Removing the offending file, then running haproxy -f /etc/haproxy/haproxy.cfg causes haproxy to run and the load balancer to enter the running state.
That would be a valid workaround, but only till the moment the LB gets an update (new instance registers to it, LB service instance restart, etc) as we would reapply lb config again, and your change would be overridden. Instead you should disassociate certificate from the LB on the Rancher side.
@Osso@blaggacao Service appearing as degrading while it’s instances are running, is an indication that the health check has failed for this service. We are planning to add more APIs for health check reporting in the future release
To debug this issue in the current release, could you please do the following:
Execute following db query against the cattle database:
select reported_health, host_id from service_event where instance_id=[id of your LB container]
For every host reporting DOWN state, do the following:
login to network agent running on the host
try to telnet to LB_instance_IP:42 (42 is the port open on haproxy against which we do the health check validation). If the telnet fails, it means that the connectivity between hosts doesn’t work by some reason. In most of the cases its related to firewall blocking the traffic for ipsec ports 500/4500. It has to be enabled as per http://docs.rancher.com/rancher/rancher-ui/infrastructure/hosts/custom/#security-groups-firewalls
I updated to 0.47 the other day and my LB services now work properly. So the good news is that bug that affected my LBs has been fixed between 0.46 and 0.47.
The bad news being, I can’t check anymore why it was broken on 0.46.
@etlweather What version of Rancher are you running? If you’ve recently upgraded to v0.56.1, have you confirmed that your cross host networking is working?
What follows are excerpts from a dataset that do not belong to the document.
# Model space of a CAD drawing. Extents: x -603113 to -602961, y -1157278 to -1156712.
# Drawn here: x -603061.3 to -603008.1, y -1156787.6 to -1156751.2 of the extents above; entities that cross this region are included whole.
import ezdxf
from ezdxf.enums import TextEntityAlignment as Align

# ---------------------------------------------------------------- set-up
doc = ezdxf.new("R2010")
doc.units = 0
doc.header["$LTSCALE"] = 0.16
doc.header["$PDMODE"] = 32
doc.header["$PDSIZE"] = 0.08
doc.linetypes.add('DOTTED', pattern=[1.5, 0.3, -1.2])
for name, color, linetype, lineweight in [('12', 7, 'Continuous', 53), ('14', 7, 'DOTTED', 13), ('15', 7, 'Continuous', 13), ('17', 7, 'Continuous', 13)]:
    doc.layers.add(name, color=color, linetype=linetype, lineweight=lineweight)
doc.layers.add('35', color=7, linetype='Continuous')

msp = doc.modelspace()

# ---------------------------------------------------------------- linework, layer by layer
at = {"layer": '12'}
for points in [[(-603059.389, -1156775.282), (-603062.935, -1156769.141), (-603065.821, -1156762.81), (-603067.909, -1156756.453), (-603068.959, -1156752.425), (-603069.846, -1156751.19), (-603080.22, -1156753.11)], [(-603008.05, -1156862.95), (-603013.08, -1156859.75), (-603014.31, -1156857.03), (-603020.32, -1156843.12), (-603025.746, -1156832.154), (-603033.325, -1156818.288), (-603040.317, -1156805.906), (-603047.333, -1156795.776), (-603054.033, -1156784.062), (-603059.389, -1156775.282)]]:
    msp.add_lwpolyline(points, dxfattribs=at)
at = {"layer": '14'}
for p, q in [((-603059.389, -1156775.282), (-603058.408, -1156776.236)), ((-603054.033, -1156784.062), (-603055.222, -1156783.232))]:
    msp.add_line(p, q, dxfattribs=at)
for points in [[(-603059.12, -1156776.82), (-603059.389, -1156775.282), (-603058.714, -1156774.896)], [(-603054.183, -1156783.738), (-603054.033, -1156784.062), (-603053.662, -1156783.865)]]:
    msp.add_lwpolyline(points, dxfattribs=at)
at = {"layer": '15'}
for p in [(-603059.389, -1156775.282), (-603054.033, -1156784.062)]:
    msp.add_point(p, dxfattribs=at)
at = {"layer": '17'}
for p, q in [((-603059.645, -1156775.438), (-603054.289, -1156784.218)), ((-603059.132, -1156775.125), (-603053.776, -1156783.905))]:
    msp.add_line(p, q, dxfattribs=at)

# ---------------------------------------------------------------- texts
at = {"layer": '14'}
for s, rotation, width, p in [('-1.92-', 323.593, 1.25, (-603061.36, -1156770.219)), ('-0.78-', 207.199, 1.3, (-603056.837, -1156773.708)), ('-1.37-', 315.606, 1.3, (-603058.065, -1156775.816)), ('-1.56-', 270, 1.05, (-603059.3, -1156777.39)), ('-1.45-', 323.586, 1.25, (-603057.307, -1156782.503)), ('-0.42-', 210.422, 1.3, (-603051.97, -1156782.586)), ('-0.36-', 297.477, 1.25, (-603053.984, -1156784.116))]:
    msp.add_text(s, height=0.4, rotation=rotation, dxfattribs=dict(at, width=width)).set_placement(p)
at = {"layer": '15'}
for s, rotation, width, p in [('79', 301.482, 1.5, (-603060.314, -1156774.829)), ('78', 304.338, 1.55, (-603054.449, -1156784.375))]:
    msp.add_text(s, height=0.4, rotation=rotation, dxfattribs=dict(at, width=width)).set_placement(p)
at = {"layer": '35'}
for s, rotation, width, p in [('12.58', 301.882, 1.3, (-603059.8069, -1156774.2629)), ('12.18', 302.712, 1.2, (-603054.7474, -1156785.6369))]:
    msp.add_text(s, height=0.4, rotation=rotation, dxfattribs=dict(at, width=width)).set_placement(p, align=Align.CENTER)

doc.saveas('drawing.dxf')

Exec into a network agent and ping ips of other network agents.
Typically, it stays in initializing if health check of the load balancer isn’t working, which implies cross host networking isn’t working.
You’re right - somehow I missed that - the network agent wasn’t able to establish network connection with other agents because they were on different network with network ACL blocking the traffic.
I also ran into this problem on rancher v1.0.1 using rancher/agent-instance:v0.8.1
This is how it happened to me:
I added a new stack from a docker-compose/rancher-compose file. The rancher-compose file referenced a SSL-certificate, which was not present in my SSL-Certificate list any more.
Adding the certifcate using the name referenced by the loadbalancer and then restarting/recreating the loadbalancer referencing the valid certificate name, also did not work.
Solution:
Add certificate using a new name
Create a new stack referencing the certificate name.
I just encountered similar issue on server v1.0.1 agent-instance v0.8.1.
I had issue with new certificate not being used for different domains (I was getting different certificate I have added before). At the time I thought there was issue with SNI.
I got also the error unable to load SSL certificate from PEM file '...'.
I tried:
restarting container
recreating stack with loadbalancer
creating identical stack under different name
removing certificates {default,server*}.pem from loadbalancer
recreating all certificates
restarting some more
deleting loadbalancer container
After all this it somehow started working again. So my guess is there is issue with how loadbalancer gets its certificates. (Or somewhere on the way UI -> rancher -> cattle -> loadbalancer)
Also while I was trying all that stuff UI sometimes displayed in loadbalancer service information (main view, right bottom corner) used certificates: A; default: A when in config I had certs: A; default_cert: B.
I just noticed that certificates I have recently added were missing last line of chain certificates:
-----END CERTIFICATE-----
I noticed this in two environments already. Both load balancers were showing ok but on restart they were yellow. When I fixed it (added the missing line) they changed to green and started serving correct SSL certificate. But they didn’t report error on wrong certificate input and neither did UI.
Could it be possible that it was somehow removed? It might be possible I made same mistake twice but I was always copy-pasting keys from terminal and on two different days.